EXERCISE DIRECTIONS
Look below for the lines from the one with "CAP_THRESHOLD on pad" to the one with "[POWER Clamp Reference] 1.2V 900.0mV 1.32V", and copy exactly those lines, both ends included.

RAW DATA
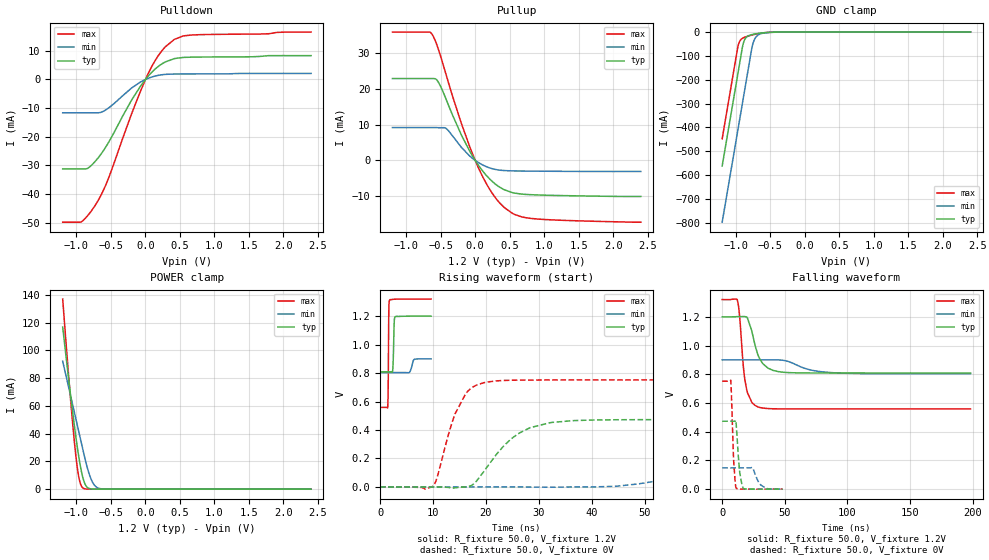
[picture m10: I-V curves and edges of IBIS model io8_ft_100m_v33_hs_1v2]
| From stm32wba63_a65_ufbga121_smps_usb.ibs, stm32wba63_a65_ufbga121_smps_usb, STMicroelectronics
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[Model]   io8_ft_100m_v33_hs_1v2
Model_type I/O
Polarity   Non-Inverting
Enable   Active-Low
| CAP_THRESHOLD on pad IOFT is "UDTCAPC" :
| Rising=30.0% of vddiom   Falling=70.0% of vddiom
| C_comp min and max val. don't necessarily correlate with the min and max pvt
| but are the smallest and greatest pad capacitance found.
| var   typ   min   max
C_comp   2.93789pF  2.85554pF  3.04885pF
|C_comp_pullup   1.70506pF  1.54588pF  1.84655pF
|C_comp_pulldown   1.23283pF  1.30965pF  1.20230pF
Vinl = 450.0mV
Vinh = 660.0mV
Vmeas = 600.0mV   | Reference voltage for timing measurements
Cref  = 50.0pF   | Timing specification test load capacitance value
Rref  = 1.0MOhm   | Timing specification test load resistance value
Vref  = 660.0mV   | Timing specification test load voltage
[Model Spec]
| TIME_THRESHOLD on pin ZIV33M is "CMOS" :
| Rising=50.0% of vddiom   Falling=50.0% of vddiom
Vinl 436.50000mV 331.50000mV 482.50000mV
Vinh 753.50000mV 549.50000mV 837.50000mV
| variable   typ   min   max
[Temperature Range] 25.0 140.0 -40.0
| variable   typ   min   max
[Voltage Range] 1.2V 900.0mV 1.32V
| variable   typ   min   max
[POWER Clamp Reference] 1.2V 900.0mV 1.32V
| variable   typ   min   max
[GND Clamp Reference] 0V 0V 0V
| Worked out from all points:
|   slope of the pulldown table from 0 to 0.18 V, typ, clamps not added: 40.6 ohm
|   slope of the pullup table from 0 to 0.18 V, typ, clamps not added: 39.4 ohm
|   GND clamp passes 1 mA (typ) near -0.51 V on its own axis
|   POWER clamp passes 1 mA (typ) near -0.83 V on its own axis
|   rising waveform, R_fixture 50.0, V_fixture 1.2V: 20-80 % time 157ps typ, 428ps min, 91.2ps max; typ from 0.809 V to 1.2 V
|   falling waveform, R_fixture 50.0, V_fixture 1.2V: 20-80 % time 8.58ns typ, 19.8ns min, 4.93ns max; typ from 1.2 V to 0.809 V
|   rising waveform, R_fixture 50.0, V_fixture 0V: 20-80 % time 6.99ns typ, 17.9ns min, 4.03ns max; typ from 0 V to 0.473 V
|   falling waveform, R_fixture 50.0, V_fixture 0V: 20-80 % time 2.69ns typ, 5.02ns min, 1.95ns max; typ from 0.473 V to 0 V
[POWER Clamp]
-1.2V     116.7mA    92.13mA    136.9mA
-1.09V    69.42mA    68.21mA    67.14mA
-1.02V    41.75mA    52.99mA    28.91mA
-990mV    30.98mA    46.47mA    16.09mA
-970mV    24.36mA    42.12mA    9.575mA
-940mV    15.59mA    35.6mA     3.485mA
-910mV    8.693mA    29.07mA    1.01mA
-860mV    2.259mA    18.59mA    104.6uA
-780mV    143.1uA    6.246mA    2.555uA
-720mV    16.22uA    1.846mA    157.1nA
-650mV    1.267uA    330.3uA    6.118nA
2.4V      0A         0A         0A
[GND Clamp]
-1.2V     -561.6mA   -797.4mA   -447.4mA
-980mV    -187.6mA   -423.4mA   -73.43mA
-960mV    -153.6mA   -389.4mA   -48.26mA
-900mV    -54.17mA   -287.4mA   -24.97mA
-870mV    -29.55mA   -236.4mA   -21.19mA
-830mV    -17.05mA   -168.4mA   -17.42mA
-760mV    -9.921mA   -54.55mA   -11.89mA
-730mV    -8.191mA   -29.78mA   -9.811mA
-690mV    -6.26mA    -14.49mA   -7.318mA
-600mV    -2.976mA   -4.315mA   -3.058mA
-380mV    -57.63uA   -251uA     -19.49uA
2.4V      872.7pA    204.8nA    349.4pA
| variable   typ   min   max
[Pullup Reference] 1.2V 900.0mV 1.32V
| variable   typ   min   max
[Pulldown Reference] 0V 0V 0V
[Pullup]
-1.2V     22.83mA    9.172mA    35.78mA
-660mV    22.82mA    9.172mA    35.78mA
-620mV    22.82mA    9.172mA    35.01mA
-540mV    21.98mA    9.134mA    31.33mA
-420mV    16.95mA    8.881mA    23.76mA
-200mV    7.069mA    3.642mA    10.26mA
0V        545.3fA    208.5pA    3fA
210mV     -5.173mA   -2.076mA   -8.052mA
420mV     -8.158mA   -2.82mA    -13.11mA
570mV     -9.105mA   -2.921mA   -15.05mA
790mV     -9.528mA   -2.972mA   -16.12mA
2.4V      -10.04mA   -3.075mA   -17.21mA
[Pulldown]
-1.2V     -31.2mA    -11.62mA   -49.78mA
-930mV    -31.2mA    -11.62mA   -49.64mA
-830mV    -30.86mA   -11.62mA   -47.25mA
-710mV    -28.04mA   -11.62mA   -43.19mA
-550mV    -22.55mA   -10.2mA    -35.3mA
-200mV    -7.146mA   -2.964mA   -11.89mA
40mV      1.171mA    405.8uA    2.092mA
130mV     3.416mA    1.118mA    6.182mA
230mV     5.302mA    1.613mA    9.763mA
420mV     7.288mA    1.898mA    13.99mA
670mV     7.779mA    1.924mA    15.51mA
2.4V      8.319mA    2.103mA    16.52mA
[Ramp]
dV/dt_r 283.79351mV/6.96724ns 88.92714mV/17.81644ns 450.99253mV/3.83261ns
dV/dt_f 234.6597mV/8.26019ns 57.89484mV/19.43934ns 456.73592mV/4.84752ns
R_load = 50.0
| Removed startup time: 0s 0s 0s  .
| Removed end time: 9.65ns.
[Rising Waveform]
R_fixture   = 50.0
V_fixture   = 1.2V
V_fixture_min = 900.0mV
V_fixture_max = 1.32V
0s        808.9mV    803.5mV    558.8mV
1.45ns    808.9mV    803.5mV    556.7mV
1.55ns    808.9mV    803.5mV    716.8mV
1.65ns    808.9mV    803.5mV    1.222V
1.8ns     808.9mV    803.5mV    1.312V
2.4ns     820.6mV    803.5mV    1.318V
2.5ns     897.1mV    803.5mV    1.318V
2.65ns    1.128V     803.5mV    1.319V
2.8ns     1.192V     803.5mV    1.319V
9.65ns    1.2V       899.5mV    1.32V
| Removed startup time: 0s 0s 0s  .
| Removed end time: 198.4ns.
[Falling Waveform]
R_fixture   = 50.0
V_fixture   = 1.2V
V_fixture_min = 900.0mV
V_fixture_max = 1.32V
0s        1.2V       900mV      1.32V
12.1ns    1.202V     900mV      1.318V
13.85ns   1.201V     900mV      1.211V
17.25ns   1.202V     900mV      824.1mV
19.6ns    1.199V     900mV      692mV
28.35ns   939.6mV    900.7mV    573.8mV
36.45ns   843.4mV    900.5mV    561.2mV
48.6ns    814.2mV    897.7mV    558.9mV
85.05ns   808.9mV    812.9mV    558.8mV
198.4ns   808.9mV    803.5mV    558.8mV
| Removed startup time: 0s 0s 0s  .
| Removed end time: 198.35ns.
[Rising Waveform]
R_fixture   = 50.0
V_fixture   = 0V
V_fixture_min = 0V
V_fixture_max = 0V
0s        4.83nV     215.5nV    3.39nV
9.95ns    -2.555uV   211.6nV    4.033mV
14ns      -7.431mV   171.4nV    494.9mV
16.2ns    -64.92uV   1.237uV    656.5mV
18.2ns    39.95mV    1.306uV    715.1mV
22.05ns   231.7mV    -661.6nV   745.2mV
28.35ns   416.2mV    -876.1uV   751.1mV
36.45ns   465.8mV    -142.8uV   751.5mV
81ns      472.9mV    140.4mV    751.6mV
198.3ns   473mV      148.2mV    751.7mV
| Removed startup time: 0s 0s 0s  .
| Removed end time: 48.4ns.
[Falling Waveform]
R_fixture   = 50.0
V_fixture   = 0V
V_fixture_min = 0V
V_fixture_max = 0V
0s        473mV      148.3mV    751.7mV
6.9ns     473mV      148.3mV    755.4mV
9.1ns     473mV      148.3mV    211.3mV
11.15ns   459.6mV    148.3mV    7.915mV
13.85ns   129.7mV    148.3mV    1.53mV
16.8ns    5.84mV     148.3mV    458.1uV
23.95ns   550uV      151.5mV    77.71uV
29.65ns   198.5uV    40.82mV    20.34uV
34.6ns    92.09uV    8.488mV    6.493uV
48.4ns    11.72uV    383.2uV    113.2nV

WRITTEN ANSWER
| CAP_THRESHOLD on pad IOFT is "UDTCAPC" :
| Rising=30.0% of vddiom   Falling=70.0% of vddiom
| C_comp min and max val. don't necessarily correlate with the min and max pvt
| but are the smallest and greatest pad capacitance found.
| var   typ   min   max
C_comp   2.93789pF  2.85554pF  3.04885pF
|C_comp_pullup   1.70506pF  1.54588pF  1.84655pF
|C_comp_pulldown   1.23283pF  1.30965pF  1.20230pF
Vinl = 450.0mV
Vinh = 660.0mV
Vmeas = 600.0mV   | Reference voltage for timing measurements
Cref  = 50.0pF   | Timing specification test load capacitance value
Rref  = 1.0MOhm   | Timing specification test load resistance value
Vref  = 660.0mV   | Timing specification test load voltage
[Model Spec]
| TIME_THRESHOLD on pin ZIV33M is "CMOS" :
| Rising=50.0% of vddiom   Falling=50.0% of vddiom
Vinl 436.50000mV 331.50000mV 482.50000mV
Vinh 753.50000mV 549.50000mV 837.50000mV
| variable   typ   min   max
[Temperature Range] 25.0 140.0 -40.0
| variable   typ   min   max
[Voltage Range] 1.2V 900.0mV 1.32V
| variable   typ   min   max
[POWER Clamp Reference] 1.2V 900.0mV 1.32V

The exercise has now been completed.